API (Application Programming Interface) keys

An API key is a unique identifier used to authenticate a user, developer, or calling program to an API.

For example, the POST Start Profiling API method requires an API key to initiate the asset profiling process.

Asset

An asset is an entity composed of data, such as a warehouse or database containing schemas and tables, or files in storage services like S3, GCS, or ADLS.

For example, a data asset may consist of data records organized into schemas, tables, and columns.

Auto ProfileAuto profiling is the automated processing of information to analyze data. This process displays data source assets that have auto profiling enabled.

B

TermDefinition
Business GlossaryThe Business Glossary captures all information about specific assets, pipelines, or business processes for future reference.

C

TermDefinition
Compute

The Compute feature provides an estimate of resource utilization and the compute and storage costs of the underlying infrastructure. It offers recommendations to optimize resource allocation and reduce costs.

For example, if instances are running for a specific time at a certain cost, the Compute feature helps understand the cost and provides recommendations on efficient instance usage.

Contract

A contract is a summary that includes the organization's name, account consumption, capacity used as a percentage, and the contract end date. Contract costs can be predicted using previous cost consumption metrics.

For example, viewing costs across accounts and services in an organization shows storage, cloud services, replication, data transfer, and compute costs.

Crawl

Crawling is the process of extracting metadata from data sources. After establishing a connection to the data source, you can crawl metadata from the remote data source into the ADOC database.

For example, crawling retrieves metadata such as owner, table type, and row count.

D

TermDefinition
Data Drift Policy

A Data Drift Policy determines the percentage change in certain metrics when the underlying data changes. Users can create data drift rules to validate data changes against tolerance thresholds for each metric type.

For example, setting a data drift rule to alert if the average value of a column changes by more than 5% compared to the previous day.

Data Protection

Data Protection enables non-admin users to have selected columns from a table be masked. It imposes restrictions on columns containing personally identifiable information (PII).

For example, enabling PII protection on sensitive columns hides the data from unauthorized users.

Data Quality Policy

A Data Quality Policy measures how healthy the data is within a data source from a consumer or business standpoint.

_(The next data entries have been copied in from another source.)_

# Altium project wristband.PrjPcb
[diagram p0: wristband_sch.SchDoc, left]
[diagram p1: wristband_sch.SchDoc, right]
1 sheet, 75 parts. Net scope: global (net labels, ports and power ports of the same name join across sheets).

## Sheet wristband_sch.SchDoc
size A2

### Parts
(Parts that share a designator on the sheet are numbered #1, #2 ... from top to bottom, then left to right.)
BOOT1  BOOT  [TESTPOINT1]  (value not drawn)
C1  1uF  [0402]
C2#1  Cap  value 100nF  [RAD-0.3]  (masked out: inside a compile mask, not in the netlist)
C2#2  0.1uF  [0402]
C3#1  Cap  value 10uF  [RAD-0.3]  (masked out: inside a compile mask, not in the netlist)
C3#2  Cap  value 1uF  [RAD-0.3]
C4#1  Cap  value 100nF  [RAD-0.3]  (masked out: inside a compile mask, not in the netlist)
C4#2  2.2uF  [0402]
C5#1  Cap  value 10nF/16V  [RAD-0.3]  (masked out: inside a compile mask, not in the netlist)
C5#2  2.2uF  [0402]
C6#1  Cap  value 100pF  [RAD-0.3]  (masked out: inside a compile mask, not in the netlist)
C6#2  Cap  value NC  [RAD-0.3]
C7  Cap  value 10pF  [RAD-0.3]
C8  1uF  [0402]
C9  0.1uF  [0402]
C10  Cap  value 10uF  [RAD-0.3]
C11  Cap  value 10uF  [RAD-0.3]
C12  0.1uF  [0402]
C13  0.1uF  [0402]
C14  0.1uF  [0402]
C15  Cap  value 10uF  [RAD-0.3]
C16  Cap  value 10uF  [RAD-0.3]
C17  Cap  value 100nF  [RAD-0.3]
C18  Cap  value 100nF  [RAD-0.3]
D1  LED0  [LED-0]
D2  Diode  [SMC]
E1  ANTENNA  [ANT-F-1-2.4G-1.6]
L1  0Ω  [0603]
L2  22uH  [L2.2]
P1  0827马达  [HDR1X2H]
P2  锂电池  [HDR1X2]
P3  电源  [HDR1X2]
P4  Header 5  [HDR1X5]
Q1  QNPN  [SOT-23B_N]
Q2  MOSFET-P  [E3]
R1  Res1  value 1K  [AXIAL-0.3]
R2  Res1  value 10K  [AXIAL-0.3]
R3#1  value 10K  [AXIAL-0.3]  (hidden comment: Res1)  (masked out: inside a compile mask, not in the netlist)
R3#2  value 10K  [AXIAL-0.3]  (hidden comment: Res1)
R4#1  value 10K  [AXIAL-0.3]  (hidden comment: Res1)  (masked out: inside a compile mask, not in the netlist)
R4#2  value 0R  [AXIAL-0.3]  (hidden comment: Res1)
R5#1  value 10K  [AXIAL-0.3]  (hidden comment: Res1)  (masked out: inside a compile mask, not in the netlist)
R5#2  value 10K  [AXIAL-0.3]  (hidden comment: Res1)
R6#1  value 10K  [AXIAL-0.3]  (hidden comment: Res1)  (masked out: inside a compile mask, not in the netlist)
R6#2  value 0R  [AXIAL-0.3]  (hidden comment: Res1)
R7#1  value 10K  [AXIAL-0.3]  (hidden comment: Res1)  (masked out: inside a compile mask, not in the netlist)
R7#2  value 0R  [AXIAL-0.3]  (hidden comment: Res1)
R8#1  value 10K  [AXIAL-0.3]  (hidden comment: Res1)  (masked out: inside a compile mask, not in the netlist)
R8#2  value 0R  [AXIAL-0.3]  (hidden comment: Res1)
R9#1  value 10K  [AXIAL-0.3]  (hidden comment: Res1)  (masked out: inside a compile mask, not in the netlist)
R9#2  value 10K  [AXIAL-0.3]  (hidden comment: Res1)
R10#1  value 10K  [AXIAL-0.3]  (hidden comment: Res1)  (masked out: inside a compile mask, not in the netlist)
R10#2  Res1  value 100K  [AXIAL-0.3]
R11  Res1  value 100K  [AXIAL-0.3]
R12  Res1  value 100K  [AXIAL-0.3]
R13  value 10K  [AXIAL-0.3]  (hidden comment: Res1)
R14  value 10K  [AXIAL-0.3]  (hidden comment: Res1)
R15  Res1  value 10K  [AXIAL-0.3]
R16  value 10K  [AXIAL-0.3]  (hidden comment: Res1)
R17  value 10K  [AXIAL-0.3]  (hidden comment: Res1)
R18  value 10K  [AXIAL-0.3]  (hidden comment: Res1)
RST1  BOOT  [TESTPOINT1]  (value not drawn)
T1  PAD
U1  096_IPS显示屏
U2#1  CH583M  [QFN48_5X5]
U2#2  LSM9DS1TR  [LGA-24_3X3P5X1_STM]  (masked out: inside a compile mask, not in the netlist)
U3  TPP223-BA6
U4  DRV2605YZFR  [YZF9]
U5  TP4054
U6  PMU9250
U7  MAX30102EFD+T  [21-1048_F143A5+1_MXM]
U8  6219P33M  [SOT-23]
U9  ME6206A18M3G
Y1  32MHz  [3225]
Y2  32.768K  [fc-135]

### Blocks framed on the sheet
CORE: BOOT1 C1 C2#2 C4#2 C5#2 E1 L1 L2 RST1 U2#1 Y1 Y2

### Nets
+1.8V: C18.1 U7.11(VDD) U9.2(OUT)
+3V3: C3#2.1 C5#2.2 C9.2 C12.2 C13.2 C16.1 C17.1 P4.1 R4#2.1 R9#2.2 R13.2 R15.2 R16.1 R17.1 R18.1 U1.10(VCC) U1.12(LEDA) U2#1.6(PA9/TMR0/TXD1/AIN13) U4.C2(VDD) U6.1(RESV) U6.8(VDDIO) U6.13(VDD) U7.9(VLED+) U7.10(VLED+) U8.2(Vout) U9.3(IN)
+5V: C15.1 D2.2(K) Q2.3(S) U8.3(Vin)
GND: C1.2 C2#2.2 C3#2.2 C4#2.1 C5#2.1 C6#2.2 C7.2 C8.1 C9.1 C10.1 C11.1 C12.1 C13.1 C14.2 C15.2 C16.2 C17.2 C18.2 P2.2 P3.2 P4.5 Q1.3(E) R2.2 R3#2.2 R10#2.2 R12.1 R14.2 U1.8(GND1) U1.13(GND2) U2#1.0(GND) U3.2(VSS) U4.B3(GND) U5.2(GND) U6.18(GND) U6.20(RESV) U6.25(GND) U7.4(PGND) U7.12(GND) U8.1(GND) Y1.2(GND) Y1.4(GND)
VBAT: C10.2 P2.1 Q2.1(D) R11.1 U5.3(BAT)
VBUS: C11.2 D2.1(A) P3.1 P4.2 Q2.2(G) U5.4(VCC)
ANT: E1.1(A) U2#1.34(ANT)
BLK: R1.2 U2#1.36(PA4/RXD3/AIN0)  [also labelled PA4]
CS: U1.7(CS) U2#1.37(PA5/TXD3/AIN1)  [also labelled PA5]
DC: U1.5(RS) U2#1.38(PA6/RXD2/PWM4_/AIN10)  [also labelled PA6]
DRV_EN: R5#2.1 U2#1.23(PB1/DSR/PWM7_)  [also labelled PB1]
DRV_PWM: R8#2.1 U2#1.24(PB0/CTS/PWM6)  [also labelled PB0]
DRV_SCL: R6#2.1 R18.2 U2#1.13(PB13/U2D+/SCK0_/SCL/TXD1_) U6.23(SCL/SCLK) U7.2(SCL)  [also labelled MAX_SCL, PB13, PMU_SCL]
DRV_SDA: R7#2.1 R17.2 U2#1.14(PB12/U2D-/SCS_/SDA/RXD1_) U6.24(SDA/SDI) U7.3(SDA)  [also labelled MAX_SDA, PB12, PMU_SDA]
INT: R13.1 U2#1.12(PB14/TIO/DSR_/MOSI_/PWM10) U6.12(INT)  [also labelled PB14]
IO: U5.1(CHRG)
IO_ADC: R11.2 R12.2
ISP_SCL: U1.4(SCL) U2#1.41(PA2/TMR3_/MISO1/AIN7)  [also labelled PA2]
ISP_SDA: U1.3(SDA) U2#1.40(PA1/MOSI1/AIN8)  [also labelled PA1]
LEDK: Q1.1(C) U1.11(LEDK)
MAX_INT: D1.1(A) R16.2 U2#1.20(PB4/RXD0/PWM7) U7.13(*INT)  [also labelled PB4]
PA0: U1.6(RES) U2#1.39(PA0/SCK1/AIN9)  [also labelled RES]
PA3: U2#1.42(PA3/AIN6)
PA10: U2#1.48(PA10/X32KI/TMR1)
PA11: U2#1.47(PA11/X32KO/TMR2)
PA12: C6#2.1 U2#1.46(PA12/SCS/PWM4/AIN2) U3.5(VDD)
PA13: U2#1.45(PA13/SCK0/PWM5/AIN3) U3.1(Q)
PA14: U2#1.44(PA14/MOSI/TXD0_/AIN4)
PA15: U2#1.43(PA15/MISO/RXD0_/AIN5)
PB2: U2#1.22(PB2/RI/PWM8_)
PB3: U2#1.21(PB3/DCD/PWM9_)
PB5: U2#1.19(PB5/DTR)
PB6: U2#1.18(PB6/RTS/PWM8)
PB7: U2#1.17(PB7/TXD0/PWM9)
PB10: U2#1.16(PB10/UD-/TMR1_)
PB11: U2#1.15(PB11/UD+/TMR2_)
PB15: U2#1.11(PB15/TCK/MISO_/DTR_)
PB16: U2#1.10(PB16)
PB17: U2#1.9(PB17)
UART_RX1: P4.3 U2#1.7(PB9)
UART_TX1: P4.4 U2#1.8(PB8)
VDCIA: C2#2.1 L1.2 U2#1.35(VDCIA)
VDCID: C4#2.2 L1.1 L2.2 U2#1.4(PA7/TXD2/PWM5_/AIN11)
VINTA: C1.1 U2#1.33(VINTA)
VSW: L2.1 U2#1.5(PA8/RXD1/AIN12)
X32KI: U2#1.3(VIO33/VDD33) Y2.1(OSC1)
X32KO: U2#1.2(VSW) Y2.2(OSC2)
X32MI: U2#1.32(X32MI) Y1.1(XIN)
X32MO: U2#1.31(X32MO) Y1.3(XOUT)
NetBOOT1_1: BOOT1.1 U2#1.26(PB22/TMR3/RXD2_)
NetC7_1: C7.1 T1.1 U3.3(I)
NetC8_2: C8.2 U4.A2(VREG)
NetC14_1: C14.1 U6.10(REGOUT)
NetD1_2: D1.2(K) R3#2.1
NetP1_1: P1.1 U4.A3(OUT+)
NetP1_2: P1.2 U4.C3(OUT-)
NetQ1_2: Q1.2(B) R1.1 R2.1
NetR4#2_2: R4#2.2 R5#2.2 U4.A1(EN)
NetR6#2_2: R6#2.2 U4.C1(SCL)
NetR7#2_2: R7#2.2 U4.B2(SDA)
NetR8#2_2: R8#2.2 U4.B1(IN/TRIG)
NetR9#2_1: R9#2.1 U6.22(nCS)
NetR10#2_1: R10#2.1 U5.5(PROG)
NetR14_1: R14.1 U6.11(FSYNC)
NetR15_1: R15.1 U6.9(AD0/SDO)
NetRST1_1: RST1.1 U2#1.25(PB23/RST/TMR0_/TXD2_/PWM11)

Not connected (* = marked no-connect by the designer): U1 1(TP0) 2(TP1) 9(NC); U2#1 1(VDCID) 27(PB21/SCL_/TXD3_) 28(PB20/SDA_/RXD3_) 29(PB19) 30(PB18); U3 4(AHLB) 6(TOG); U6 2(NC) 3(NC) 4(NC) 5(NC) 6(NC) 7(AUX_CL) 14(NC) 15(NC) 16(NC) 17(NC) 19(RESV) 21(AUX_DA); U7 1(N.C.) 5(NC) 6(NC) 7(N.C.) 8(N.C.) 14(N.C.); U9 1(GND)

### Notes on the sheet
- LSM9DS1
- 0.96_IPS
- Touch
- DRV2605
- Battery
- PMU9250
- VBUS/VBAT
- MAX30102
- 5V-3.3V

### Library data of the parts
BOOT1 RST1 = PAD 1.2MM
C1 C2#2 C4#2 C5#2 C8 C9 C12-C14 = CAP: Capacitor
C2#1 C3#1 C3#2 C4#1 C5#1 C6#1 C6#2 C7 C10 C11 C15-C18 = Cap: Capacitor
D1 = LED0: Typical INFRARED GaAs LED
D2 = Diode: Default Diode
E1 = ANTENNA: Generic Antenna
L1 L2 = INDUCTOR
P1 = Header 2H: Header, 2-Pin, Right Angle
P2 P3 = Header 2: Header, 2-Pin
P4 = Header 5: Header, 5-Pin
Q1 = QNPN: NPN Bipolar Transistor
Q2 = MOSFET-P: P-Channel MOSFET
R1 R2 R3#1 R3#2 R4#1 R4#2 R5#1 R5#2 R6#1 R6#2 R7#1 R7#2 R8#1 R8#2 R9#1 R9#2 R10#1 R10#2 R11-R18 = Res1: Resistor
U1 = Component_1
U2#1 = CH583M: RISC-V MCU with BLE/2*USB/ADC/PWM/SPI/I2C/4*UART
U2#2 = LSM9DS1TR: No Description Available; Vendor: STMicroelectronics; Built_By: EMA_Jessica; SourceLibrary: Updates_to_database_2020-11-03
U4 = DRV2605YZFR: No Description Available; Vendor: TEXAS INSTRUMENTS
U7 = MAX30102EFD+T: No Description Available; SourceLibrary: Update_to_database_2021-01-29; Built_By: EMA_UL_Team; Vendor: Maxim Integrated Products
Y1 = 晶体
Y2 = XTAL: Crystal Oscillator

Multiple policies can be executed to check data quality.

For example, a data quality policy may enforce that no null values are present in critical columns.

Data Reconciliation Policy

A Data Reconciliation Policy refers to comparing the target data to the original source data to ensure that data migration transfers the data correctly. It can be created in ADOC between two assets of similar type or between assets that can be profiled.

For example, reconciling data between a source database and a destination data warehouse after migration.

Data SourceA data source is the origin location of the data being used. The database is located on a remote server and is accessible via database connections. To retrieve data, a server must establish a connection to the database.
Discover PageThe Discover Page provides a list of all the different assets present in your ecosystem while configuring ADOC to track them, with various filtering capabilities.

E

TermDefinition
Entity Relationship (ER) DiagramAn ER Diagram is a graphical representation of the relationships between entities in a database. It helps visualize data structures and connections, aiding in database design and data lineage understanding.
Error Metric

Error metrics are measurements used to evaluate the accuracy of models or data processes. In ADOC, they can be used to track the number of errors detected during data profiling or reconciliation processes.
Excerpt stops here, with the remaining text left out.